Se a proibição entrar em vigor em 12 de novembro, como previsto, itens com mais de 0,4 mg de THC de qualquer tipo seriam federalm ente ilegais. Desse modo, a maior parte dos produtos de hemp, inclusive a maioria dos CBDs não intoxicantes, ficaria sujeita a restrições severas.

Segundo Jonathan Miller, da US Hemp Roundtable, a norma abrangeria uma parcela muito ampla de produtos, dificultando o acesso de pacientes a terapias potencialmente úteis. Ponomariovaite, proprietária da Nesa’s Hemp, reuniu-se com membros do Congresso para defender a manutenção da legalidade de seus produtos.

Ela explicou que muitos senadores não compreenderam o sistema endocanabinoide, o que dificulta a avaliação de políticas. O sistema envolve receptores espalhados pelo cérebro e órgãos que interagem com canabinoides presentes na planta e também produzidos pelo corpo.

Ponomariovaite afirma que misturas com diversos canabinoides podem ter efeitos terapêuticos mais fortes do que o CBD isolado, o que, em caso de restrição, ficaria menos disponível. Legisladores buscam alternativas como regulamentação de biossegurança para substituir a proibição.

Propostas de retardar ou substituir a proibição chegam a fóruns diferentes. Em dezembro, o senador Ron Wyden reintroduziu o Cannabinoid Safety and Regulation Act, que prevê regulamentação para garantir segurança e eliminar contaminantes. Um projeto de lei na Câmara, apresentado por Jim Baird, visa adiar a medida por dois anos.

Miller atribui o impasse político ao alto grau de polarização no Congresso, dificultando a aprovação de propostas, mesmo as consideradas simples. O governo poderia, em vez disso, buscar ajustes regulatórios para evitar efeitos adversos.

O governo Trump já indicou, por meio de postagens públicas, o interesse em manter parte do CBD de espectro completo legal, ao mesmo tempo em que restringe produtos de hemp com riscos à saúde. Um grupo de defensores entrou com ação judicial contra autoridades de saúde, mas a Justiça negou o pedido de bloqueio da implementação.

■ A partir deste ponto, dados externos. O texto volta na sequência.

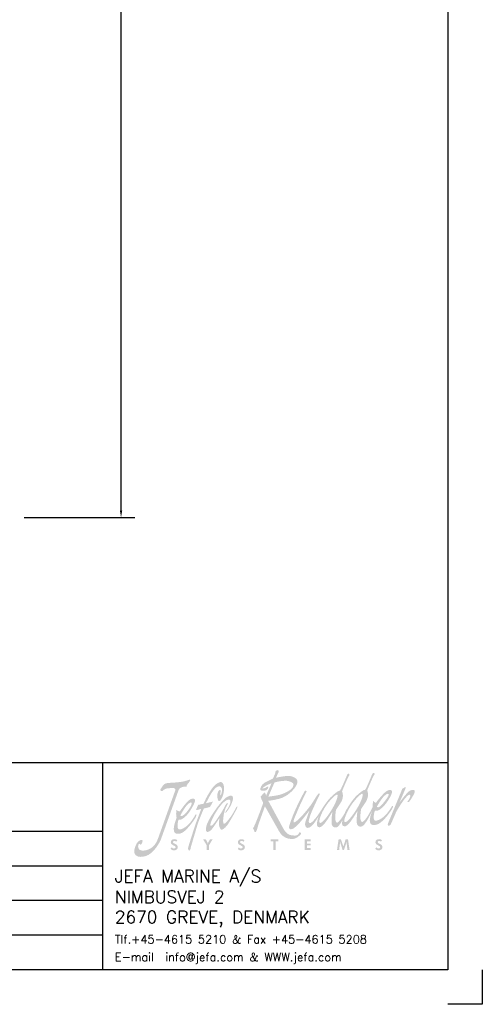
# Model space of a CAD drawing. Extents: x -770 to 200, y -179 to 391.
# Tile 2 of 6: x -504 to -370, y -179 to 106. Entities that reach past the tile are written whole.
import ezdxf

# ---------------------------------------------------------------- set-up
doc = ezdxf.new("R2010")
doc.units = 0
doc.header["$LTSCALE"] = 0.15
doc.layers.get('0').update_dxf_attribs({"linetype": 'CONTINUOUS'})
doc.layers.get('DEFPOINTS').update_dxf_attribs({"linetype": 'CONTINUOUS'})
doc.layers.add('DIMS', color=7, linetype='CONTINUOUS')
doc.layers.add('RAMME', color=7, linetype='CONTINUOUS')
doc.styles.add('ROMANS', font='romans')
doc.dimstyles.new('JAN', dxfattribs={"dimtxt": 2, "dimasz": 2, "dimexe": 4, "dimexo": 2, "dimgap": 2, "dimtad": 0, "dimtih": 1, "dimtoh": 1, "dimdsep": 46, "dimtxsty": 'ROMANS', "dimcen": 2.97, "dimadec": 0, "dimazin": 0, "dimtfac": 0.65, "dimtofl": 0, "dimtmove": 2, "dimatfit": 3, "dimfxl": 1, "dimtolj": 1, "dimarcsym": 0})

# ---------------------------------------------------------------- blocks, each defined once
blk = doc.blocks.new('jefa rudder logo')
at = {"linetype": 'Continuous', "lineweight": 0}
h = blk.add_hatch(color=182, dxfattribs=at)
edge = h.paths.add_edge_path(flags=16)
edge.add_spline(control_points=[(28.95, 61.15), (29.14, 61.17), (28.95, 60.38), (28.38, 59.43), (28.38, 59.43), (27.82, 58.48), (27.17, 57.71), (26.92, 57.71), (26.92, 57.71), (26.68, 57.71), (26.86, 58.52), (27.42, 59.47), (27.42, 59.47), (27.98, 60.42), (28.79, 61.14), (28.95, 61.15)], knot_values=[0, 0, 0, 0, 0.25, 0.25, 0.25, 0.25, 0.5, 0.5, 0.5, 0.5, 0.75, 0.75, 0.75, 0.75, 1, 1, 1, 1], degree=3, periodic=0)
edge = h.paths.add_edge_path(flags=16)
edge.add_spline(control_points=[(29.95, 57.81), (30.2, 57.81), (30.85, 58.58), (31.41, 59.53), (31.41, 59.53), (31.98, 60.48), (32.17, 61.26), (31.98, 61.25), (31.98, 61.25), (31.82, 61.24), (31.03, 60.5), (30.47, 59.55), (30.47, 59.55), (30.32, 59.3), (29.53, 57.81), (29.95, 57.81)], knot_values=[0, 0, 0, 0, 0.25, 0.25, 0.25, 0.25, 0.5, 0.5, 0.5, 0.5, 0.75, 0.75, 0.75, 0.75, 1, 1, 1, 1], degree=3, periodic=0)
edge = h.paths.add_edge_path()
edge.add_spline(control_points=[(30.17, 59.44), (30.19, 59.47), (30.21, 59.51), (30.24, 59.56), (30.24, 59.56), (30.25, 59.59), (30.26, 59.6), (30.26, 59.6), (30.26, 59.6), (30.26, 59.6), (30.26, 59.6), (30.26, 59.6), (30.26, 59.6), (30.47, 59.95), (30.88, 60.56), (31.19, 60.88), (31.19, 60.88), (31.55, 61.25), (32.21, 61.78), (32.3, 61.69), (32.3, 61.69), (32.38, 61.59), (33.18, 63.56), (33.18, 63.56), (33.18, 63.56), (33.18, 63.56), (33.26, 63.81), (33.4, 63.75), (33.4, 63.75), (33.54, 63.68), (33.49, 63.57), (33.39, 63.43), (33.39, 63.43), (33.28, 63.29), (32.58, 61.64), (32.59, 61.62), (32.59, 61.62), (32.61, 61.61), (32.89, 60.96), (32.42, 60.24), (32.42, 60.24), (31.94, 59.53), (31.86, 59.38), (31.86, 59.38), (31.86, 59.38), (31.86, 59.38), (31.72, 58.51), (31.77, 58.23), (31.77, 58.23), (31.82, 57.96), (31.91, 57.78), (32.05, 57.85), (32.05, 57.85), (32.48, 58.06), (33.04, 59.22), (33.27, 59.65), (33.27, 59.65), (33.24, 59.9), (33.28, 60.12), (33.32, 60.39), (33.32, 60.39), (33.41, 60.27), (33.48, 60.19), (33.65, 60.14), (33.65, 60.14), (33.98, 60.61), (34.62, 61.36), (34.97, 61.58), (34.97, 61.58), (35.31, 61.79), (35.66, 61.7), (35.6, 61.41), (35.6, 61.41), (35.49, 60.85), (34.3, 58.95), (33.53, 59.19), (33.53, 59.19), (33.45, 59.05), (33.19, 57.98), (33.61, 57.99), (33.61, 57.99), (34.02, 58), (34.65, 58.39), (35.14, 59.06), (35.14, 59.06), (35.64, 59.73), (35.55, 59.77), (35.66, 59.77), (35.66, 59.77), (35.77, 59.78), (35.7, 59.57), (35.52, 59.28), (35.52, 59.28), (35.35, 59), (34.37, 57.6), (33.67, 57.49), (33.67, 57.49), (33, 57.36), (32.92, 57.66), (32.91, 57.99), (32.91, 57.99), (32.9, 58.29), (33.03, 58.74), (33.24, 59.26), (33.24, 59.26), (33.24, 59.26), (32.76, 58.31), (32.76, 58.31), (32.76, 58.31), (32.76, 58.31), (32.25, 57.4), (32, 57.31), (32, 57.31), (31.74, 57.22), (31.47, 57.27), (31.36, 57.59), (31.36, 57.59), (31.26, 57.9), (31.4, 59.26), (31.46, 59.22), (31.46, 59.22), (31.46, 59.22), (30.71, 57.97), (30.43, 57.69), (30.43, 57.69), (30.15, 57.41), (29.97, 57.16), (29.66, 57.37), (29.66, 57.37), (29.53, 57.45), (29.54, 57.72), (29.61, 58.05), (29.61, 58.05), (29.46, 57.78), (29.15, 57.28), (28.97, 57.21), (28.97, 57.21), (28.71, 57.12), (28.44, 57.17), (28.33, 57.49), (28.33, 57.49), (28.23, 57.8), (28.37, 59.15), (28.43, 59.12), (28.43, 59.12), (28.43, 59.12), (27.68, 57.87), (27.4, 57.59), (27.4, 57.59), (27.12, 57.31), (26.94, 57.06), (26.63, 57.26), (26.63, 57.26), (26.43, 57.4), (26.55, 57.97), (26.73, 58.48), (26.73, 58.48), (26.52, 58.15), (26.1, 57.53), (25.91, 57.37), (25.91, 57.37), (25.65, 57.15), (25.46, 57.09), (25.32, 57.13), (25.32, 57.13), (25.16, 57.18), (25.03, 57.48), (25.12, 57.77), (25.12, 57.77), (25.21, 58.06), (25.62, 59.21), (25.62, 59.21), (25.62, 59.21), (25.62, 59.21), (24.73, 58.05), (24.42, 57.72), (24.42, 57.72), (24.11, 57.39), (23.82, 57.11), (23.66, 57.03), (23.66, 57.03), (23.5, 56.95), (23.1, 56.84), (23.16, 57.23), (23.16, 57.23), (23.22, 57.62), (23.71, 58.82), (23.91, 59.28), (23.91, 59.28), (24.1, 59.73), (24.83, 61.17), (24.94, 61.36), (24.94, 61.36), (25.03, 61.52), (25.11, 61.79), (25.29, 61.51), (25.29, 61.51), (25.29, 61.51), (24.63, 60.24), (24.27, 59.38), (24.27, 59.38), (23.91, 58.51), (23.75, 58.16), (23.72, 58.02), (23.72, 58.02), (23.7, 57.88), (23.67, 57.75), (23.76, 57.77), (23.76, 57.77), (24.24, 57.87), (25.45, 59.42), (25.77, 59.84), (25.77, 59.84), (26.06, 60.24), (26.42, 60.88), (26.48, 60.94), (26.48, 60.94), (26.61, 61.1), (26.73, 61.36), (26.83, 61.27), (26.83, 61.27), (26.93, 61.2), (26.84, 61.07), (26.75, 60.91), (26.75, 60.91), (26.66, 60.75), (25.81, 58.96), (25.69, 58.53), (25.69, 58.53), (25.58, 58.13), (25.51, 57.96), (25.55, 57.83), (25.55, 57.83), (25.59, 57.7), (25.68, 57.56), (26.04, 57.92), (26.04, 57.92), (26.88, 58.79), (27.34, 59.93), (28.16, 60.78), (28.16, 60.78), (28.52, 61.15), (29.18, 61.68), (29.27, 61.59), (29.27, 61.59), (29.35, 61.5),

Ponomariovaite ressalta que o foco das políticas deveria estar na contaminação de produtos, não apenas na classificação de canabinoides. Ela afirma que serviços de controle de qualidade variam entre estados e empresas, e que padrões mais robustos poderiam tornar os produtos mais seguros para uso médico.

Caso a proibição avance, a indústria de hemp pode enfrentar mudanças significativas, com impactos sobre a disponibilidade de produtos para pacientes. Ponomariovaite disse que, se isso ocorrer, continuará a produzir, mas reconheceu que a eficácia de seus produtos poderia diminuir diante da necessidade de manter apenas canabinoides legais.